TASK INPUT section start
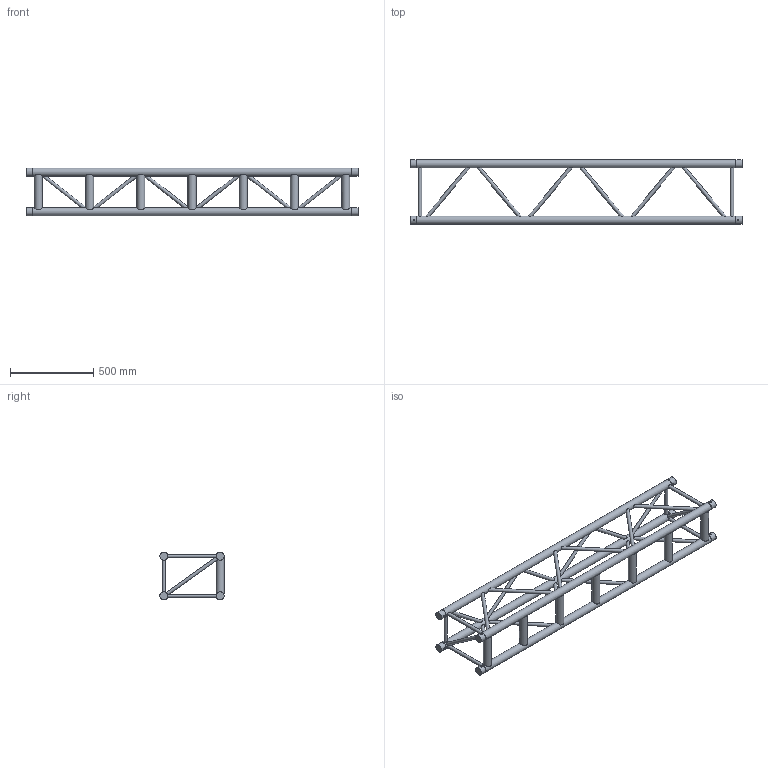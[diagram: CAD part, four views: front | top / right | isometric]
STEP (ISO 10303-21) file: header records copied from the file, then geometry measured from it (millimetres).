
FILE_DESCRIPTION(/* description */ (''),/* implementation_level */ '2;1');
FILE_NAME(/* name */ 'C:\Users\adrian.toca\Desktop\111050493.stp',/* time_stamp */ '2016-09-16T12:27:00+03:00',/* author */ ('adrian.toca'),/* organization */ (''),/* preprocessor_version */ 'ST-DEVELOPER v15.6',/* originating_system */ 'Autodesk Inventor 2015',/* authorisation */ '');
FILE_SCHEMA (('AUTOMOTIVE_DESIGN { 1 0 10303 214 3 1 1 }'));
Length unit declared in the file: millimetre
Products named in the file (1): 260030879
Bounding box: 2000 x 387.3 x 287.3 mm (x, y, z)
Volume: 19177672.9 mm3; surface area: 2024355.1 mm2
Topology: 15 solids, 18 shells, 174 faces, 381 edges, 254 vertices
Faces by surface type: cylinder 90, plane 76, cone 8
Full cylindrical faces by diameter (mm): 10 x8, 20 x26, 48.3 x19
Entity records: 6090 total; most frequent: CARTESIAN_POINT 2742, DIRECTION 618, ORIENTED_EDGE 568, EDGE_LOOP 286, AXIS2_PLACEMENT_3D 284, EDGE_CURVE 270, VERTEX_POINT 214, FACE_BOUND 149
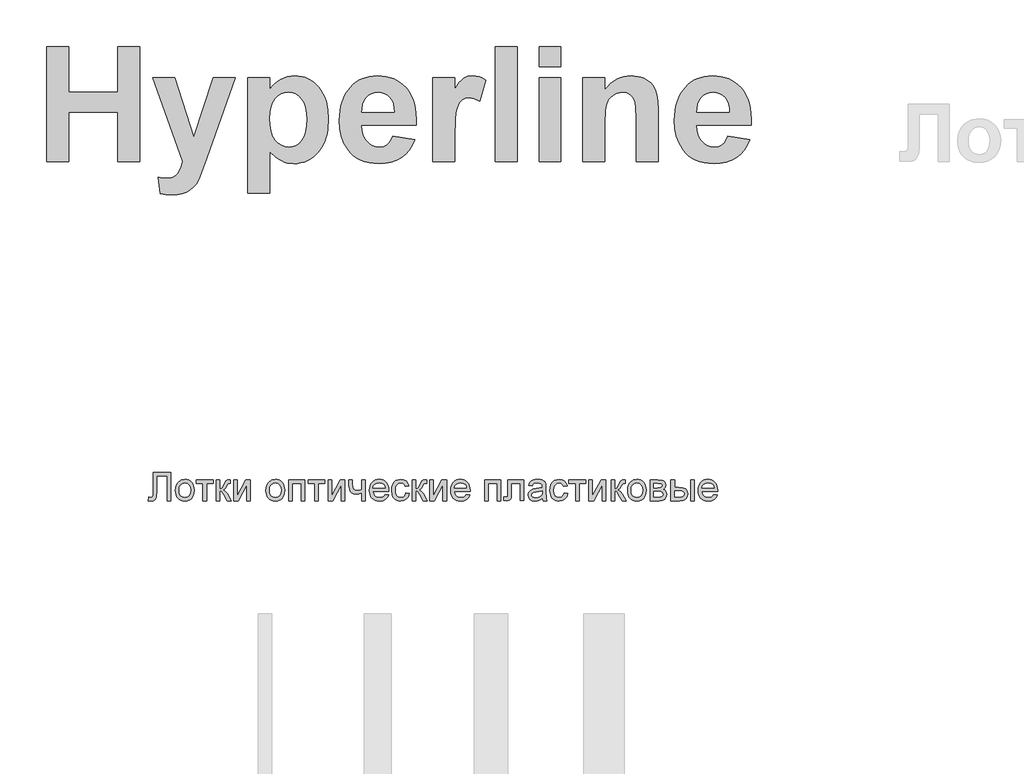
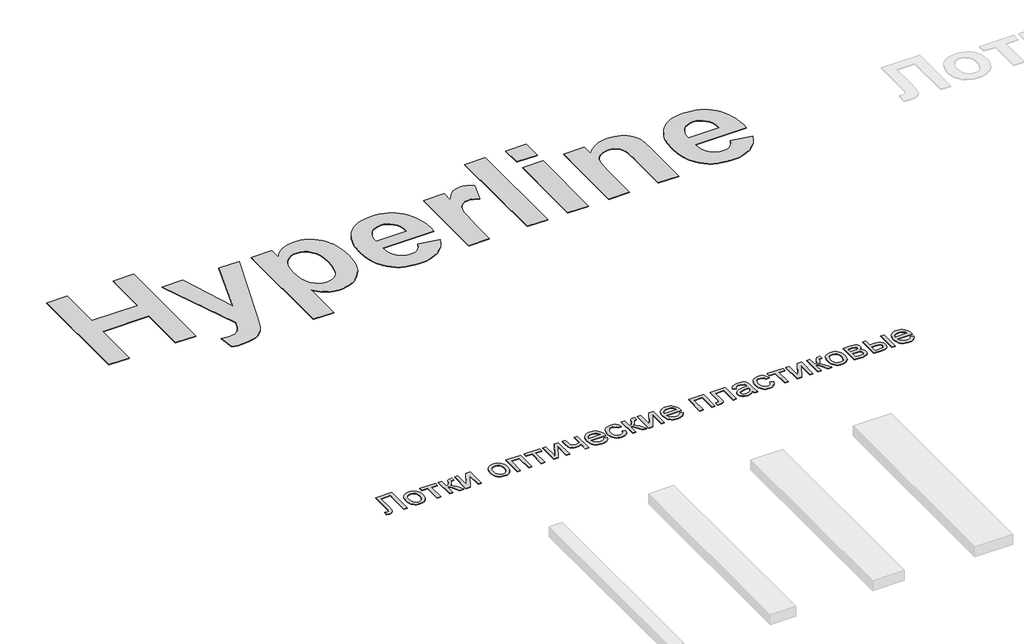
# One storey, part 8 of 11: 2 proxies.
"""IFC4 building model written with IfcOpenShell, lengths in millimetres."""

from ifc_helpers import new_model, si_unit, origin, origin_with_axes, place, context, project, spatial, polyline, outline, extrude, element, save

model = new_model("IFC4")

# Units and contexts
model_context = context("Model", 3, world=origin())
ifc_project = project(units=[si_unit("LENGTHUNIT", "METRE", prefix="MILLI")], contexts=[model_context])

# Site, building, storey
site = spatial("IfcSite", under=ifc_project)
building = spatial("IfcBuilding", under=site)
storey = spatial("IfcBuildingStorey", under=building, Name="Этаж 01", Elevation=0.0)

# Proxies
placement = place(None, origin())
element("IfcBuildingElementProxy", 1, Name="АБН_Логотип", ObjectType="АБН_Логотип", at=placement, inside=storey, context=model_context, shape_type="SweptSolid", body=[
    extrude(outline(polyline([(-20409.4017065, 14781.5295573), (-20409.4017065, 15801.7889572), (-20215.0665827, 15801.7889572), (-20215.0665827, 15396.924116), (-19777.8125541, 15396.924116), (-19777.8125541, 15801.7889572), (-19583.4774303, 15801.7889572), (-19583.4774303, 14781.5295573), (-19777.8125541, 14781.5295573), (-19777.8125541, 15218.7835858), (-20215.0665827, 15218.7835858), (-20215.0665827, 14781.5295573), (-20409.4017065, 14781.5295573)])), origin_with_axes(), (0.0, 0.0, 1.0), 5.0),
    extrude(outline(polyline([(-19470.1152747, 15526.4808652), (-19275.7801509, 15526.4808652), (-19105.7369176, 14999.1444094), (-18935.6936843, 15526.4808652), (-18741.3585605, 15526.4808652), (-18993.3869242, 14812.6535419), (-19040.1994214, 14680.0603064), (-19063.8903407, 14625.5933333), (-19086.3793174, 14585.6761903), (-19109.9437164, 14556.1337089), (-19136.8609023, 14532.7907204), (-19168.7123785, 14514.793213), (-19207.0796482, 14501.287175), (-19251.3933703, 14492.8419474), (-19301.0842035, 14490.0268716), (-19353.7166329, 14492.8103174), (-19405.3369001, 14501.1606547), (-19421.5314938, 14645.1407139), (-19380.8552293, 14638.1188393), (-19344.3541334, 14635.7782144), (-19314.7721145, 14638.3481573), (-19289.286189, 14646.0579858), (-19267.8963571, 14658.9077), (-19250.6026186, 14676.8972999), (-19223.6854327, 14723.6149069), (-19203.9166416, 14781.5295573), (-19470.1152747, 15526.4808652)])), origin_with_axes(), (0.0, 0.0, 1.0), 5.0),
    extrude(outline(polyline([(-18627.9964049, 15526.4808652), (-18433.6612811, 15526.4808652), (-18433.6612811, 15419.1916822), (-18415.0786175, 15445.4604518), (-18393.4910977, 15469.103926), (-18368.8987216, 15490.1221046), (-18341.3014892, 15508.5149878), (-18311.3952621, 15523.4601939), (-18279.8759016, 15534.1353411), (-18246.7434078, 15540.5404294), (-18211.9977806, 15542.6754588), (-18181.6467556, 15541.0880249), (-18152.4620893, 15536.3257231), (-18124.4437818, 15528.3885535), (-18097.5918328, 15517.2765161), (-18071.9062426, 15502.9896107), (-18047.387011, 15485.5278376), (-18001.8476239, 15441.0796877), (-17981.5944974, 15414.437288), (-17964.0417878, 15385.3079743), (-17949.1894951, 15353.6917468), (-17937.0376192, 15319.5886053), (-17920.8351181, 15243.9215806), (-17915.4342843, 15158.3069002), (-17921.0090834, 15070.2646122), (-17927.9775823, 15030.1458276), (-17937.7334807, 14992.6286159), (-17950.2767786, 14957.7129771), (-17965.6074761, 14925.3989112), (-17983.7255731, 14895.6864182), (-18004.6310697, 14868.5754981), (-18051.5938098, 14823.4077643), (-18076.8484404, 14805.6632974), (-18103.2852447, 14791.1450973), (-18130.9042227, 14779.8531638), (-18159.7053744, 14771.787497), (-18189.6886998, 14766.948097), (-18220.854199, 14765.3349636), (-18278.4841787, 14771.3446761), (-18305.1641391, 14778.8568167), (-18330.4207466, 14789.3738136), (-18355.2819783, 14803.544083), (-18380.7758113, 14822.0160414), (-18433.6612811, 14871.865025), (-18433.6612811, 14506.2214652), (-18627.9964049, 14506.2214652), (-18627.9964049, 15526.4808652)]), holes=[polyline([(-18433.6612811, 15166.910278), (-18430.6168873, 15105.769361), (-18421.4837058, 15053.1685617), (-18406.2617367, 15009.1078802), (-18384.9509799, 14973.5873163), (-18359.259459, 14946.2431245), (-18330.8951976, 14926.7115589), (-18299.8581956, 14914.9926196), (-18266.1484531, 14911.0863065), (-18234.0202138, 14914.6684114), (-18204.6912354, 14925.4147262), (-18178.1615177, 14943.325251), (-18154.4310609, 14968.3999856), (-18134.8915878, 15001.6510922), (-18120.9348213, 15044.0907328), (-18112.5607614, 15095.7189076), (-18109.7694081, 15156.5356165), (-18112.6398366, 15213.596255), (-18121.251122, 15262.8126373), (-18135.6032643, 15304.1847633), (-18155.6962636, 15337.7126329), (-18180.0435067, 15363.6176568), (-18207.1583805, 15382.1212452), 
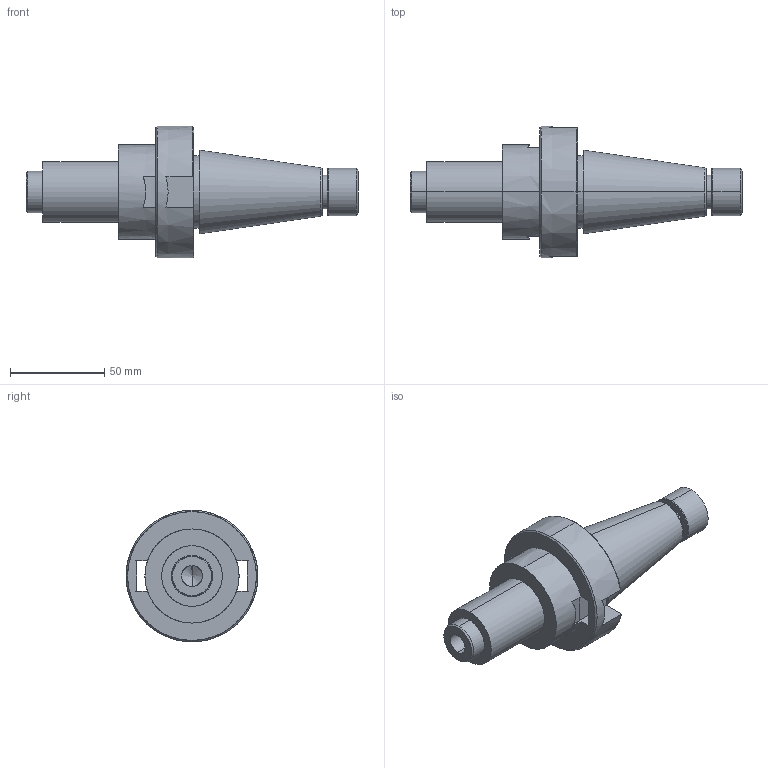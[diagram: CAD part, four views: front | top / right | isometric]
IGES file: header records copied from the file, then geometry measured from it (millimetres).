
Start section: SolidWorks IGES file using analytic representation for surfaces
Global section: file name: J:\Scolaire\BAC Pro\Epreuves professionnelles\E2\CD\Dossier Examinateurs\Dessins CN 5 axes\IGES\Cone SA40.IGS; native system: SolidWorks 2005 by SolidWorks Corporation; preprocessor: SolidWorks 2005 by SolidWorks Corporation; author: Famille Couzi; date: 091204.123626; units: millimetre
Bounding box: 176.42 x 70 x 70 mm (x, y, z)
Surface area: 35219.6 mm2 (no closed solid volume)
Topology: 0 solids, 0 shells, 61 faces, 1122 edges, 1118 vertices
Faces by surface type: revolution 42, bspline 19
TASK INPUT section end
**AIM OF THE EXERCISE:** Your task is to retype all the entries exactly and leave out any pictures.

**SOLUTION TO THE EXERCISE:**
[diagram: CAD part, four views: front | top / right | isometric]
STEP (ISO 10303-21) file: header records copied from the file, then geometry measured from it (millimetres).
FILE_DESCRIPTION(/* description */ (''),/* implementation_level */ '2;1');
FILE_NAME(/* name */ 'C:\Users\adrian.toca\Desktop\111050493.stp',/* time_stamp */ '2016-09-16T12:27:00+03:00',/* author */ ('adrian.toca'),/* organization */ (''),/* preprocessor_version */ 'ST-DEVELOPER v15.6',/* originating_system */ 'Autodesk Inventor 2015',/* authorisation */ '');
FILE_SCHEMA (('AUTOMOTIVE_DESIGN { 1 0 10303 214 3 1 1 }'));
Length unit declared in the file: millimetre
Products named in the file (1): 260030879
Bounding box: 2000 x 387.3 x 287.3 mm (x, y, z)
Volume: 19177672.9 mm3; surface area: 2024355.1 mm2
Topology: 15 solids, 18 shells, 174 faces, 381 edges, 254 vertices
Faces by surface type: cylinder 90, plane 76, cone 8
Full cylindrical faces by diameter (mm): 10 x8, 20 x26, 48.3 x19
Entity records: 6090 total; most frequent: CARTESIAN_POINT 2742, DIRECTION 618, ORIENTED_EDGE 568, EDGE_LOOP 286, AXIS2_PLACEMENT_3D 284, EDGE_CURVE 270, VERTEX_POINT 214, FACE_BOUND 149
# One storey, part 8 of 11: 2 proxies.
"""IFC4 building model written with IfcOpenShell, lengths in millimetres."""

from ifc_helpers import new_model, si_unit, origin, origin_with_axes, place, context, project, spatial, polyline, outline, extrude, element, save

model = new_model("IFC4")

# Units and contexts
model_context = context("Model", 3, world=origin())
ifc_project = project(units=[si_unit("LENGTHUNIT", "METRE", prefix="MILLI")], contexts=[model_context])

# Site, building, storey
site = spatial("IfcSite", under=ifc_project)
building = spatial("IfcBuilding", under=site)
storey = spatial("IfcBuildingStorey", under=building, Name="Этаж 01", Elevation=0.0)

# Proxies
placement = place(None, origin())
element("IfcBuildingElementProxy", 1, Name="АБН_Логотип", ObjectType="АБН_Логотип", at=placement, inside=storey, context=model_context, shape_type="SweptSolid", body=[
    extrude(outline(polyline([(-20409.4017065, 14781.5295573), (-20409.4017065, 15801.7889572), (-20215.0665827, 15801.7889572), (-20215.0665827, 15396.924116), (-19777.8125541, 15396.924116), (-19777.8125541, 15801.7889572), (-19583.4774303, 15801.7889572), (-19583.4774303, 14781.5295573), (-19777.8125541, 14781.5295573), (-19777.8125541, 15218.7835858), (-20215.0665827, 15218.7835858), (-20215.0665827, 14781.5295573), (-20409.4017065, 14781.5295573)])), origin_with_axes(), (0.0, 0.0, 1.0), 5.0),
    extrude(outline(polyline([(-19470.1152747, 15526.4808652), (-19275.7801509, 15526.4808652), (-19105.7369176, 14999.1444094), (-18935.6936843, 15526.4808652), (-18741.3585605, 15526.4808652), (-18993.3869242, 14812.6535419), (-19040.1994214, 14680.0603064), (-19063.8903407, 14625.5933333), (-19086.3793174, 14585.6761903), (-19109.9437164, 14556.1337089), (-19136.8609023, 14532.7907204), (-19168.7123785, 14514.793213), (-19207.0796482, 14501.287175), (-19251.3933703, 14492.8419474), (-19301.0842035, 14490.0268716), (-19353.7166329, 14492.8103174), (-19405.3369001, 14501.1606547), (-19421.5314938, 14645.1407139), (-19380.8552293, 14638.1188393), (-19344.3541334, 14635.7782144), (-19314.7721145, 14638.3481573), (-19289.286189, 14646.0579858), (-19267.8963571, 14658.9077), (-19250.6026186, 14676.8972999), (-19223.6854327, 14723.6149069), (-19203.9166416, 14781.5295573), (-19470.1152747, 15526.4808652)])), origin_with_axes(), (0.0, 0.0, 1.0), 5.0),
    extrude(outline(polyline([(-18627.9964049, 15526.4808652), (-18433.6612811, 15526.4808652), (-18433.6612811, 15419.1916822), (-18415.0786175, 15445.4604518), (-18393.4910977, 15469.103926), (-18368.8987216, 15490.1221046), (-18341.3014892, 15508.5149878), (-18311.3952621, 15523.4601939), (-18279.8759016, 15534.1353411), (-18246.7434078, 15540.5404294), (-18211.9977806, 15542.6754588), (-18181.6467556, 15541.0880249), (-18152.4620893, 15536.3257231), (-18124.4437818, 15528.3885535), (-18097.5918328, 15517.2765161), (-18071.9062426, 15502.9896107), (-18047.387011, 15485.5278376), (-18001.8476239, 15441.0796877), (-17981.5944974, 15414.437288), (-17964.0417878, 15385.3079743), (-17949.1894951, 15353.6917468), (-17937.0376192, 15319.5886053), (-17920.8351181, 15243.9215806), (-17915.4342843, 15158.3069002), (-17921.0090834, 15070.2646122), (-17927.9775823, 15030.1458276), (-17937.7334807, 14992.6286159), (-17950.2767786, 14957.7129771), (-17965.6074761, 14925.3989112), (-17983.7255731, 14895.6864182), (-18004.6310697, 14868.5754981), (-18051.5938098, 14823.4077643), (-18076.8484404, 14805.6632974), (-18103.2852447, 14791.1450973), (-18130.9042227, 14779.8531638), (-18159.7053744, 14771.787497), (-18189.6886998, 14766.948097), (-18220.854199, 14765.3349636), (-18278.4841787, 14771.3446761), (-18305.1641391, 14778.8568167), (-18330.4207466, 14789.3738136), (-18355.2819783, 14803.544083), (-18380.7758113, 14822.0160414), (-18433.6612811, 14871.865025), (-18433.6612811, 14506.2214652), (-18627.9964049, 14506.2214652), (-18627.9964049, 15526.4808652)]), holes=[polyline([(-18433.6612811, 15166.910278), (-18430.6168873, 15105.769361), (-18421.4837058, 15053.1685617), (-18406.2617367, 15009.1078802), (-18384.9509799, 14973.5873163), (-18359.259459, 14946.2431245), (-18330.8951976, 14926.7115589), (-18299.8581956, 14914.9926196), (-18266.1484531, 14911.0863065), (-18234.0202138, 14914.6684114), (-18204.6912354, 14925.4147262), (-18178.1615177, 14943.325251), (-18154.4310609, 14968.3999856), (-18134.8915878, 15001.6510922), (-18120.9348213, 15044.0907328), (-18112.5607614, 15095.7189076), (-18109.7694081, 15156.5356165), (-18112.6398366, 15213.596255), (-18121.251122, 15262.8126373), (-18135.6032643, 15304.1847633), (-18155.6962636, 15337.7126329), (-18180.0435067, 15363.6176568), (-18207.1583805, 15382.1212452), 
[diagram: CAD part, four views: front | top / right | isometric]
IGES file: header records copied from the file, then geometry measured from it (millimetres).
Start section: SolidWorks IGES file using analytic representation for surfaces
Global section: file name: J:\Scolaire\BAC Pro\Epreuves professionnelles\E2\CD\Dossier Examinateurs\Dessins CN 5 axes\IGES\Cone SA40.IGS; native system: SolidWorks 2005 by SolidWorks Corporation; preprocessor: SolidWorks 2005 by SolidWorks Corporation; author: Famille Couzi; date: 091204.123626; units: millimetre
Bounding box: 176.42 x 70 x 70 mm (x, y, z)
Surface area: 35219.6 mm2 (no closed solid volume)
Topology: 0 solids, 0 shells, 61 faces, 1122 edges, 1118 vertices
Faces by surface type: revolution 42, bspline 19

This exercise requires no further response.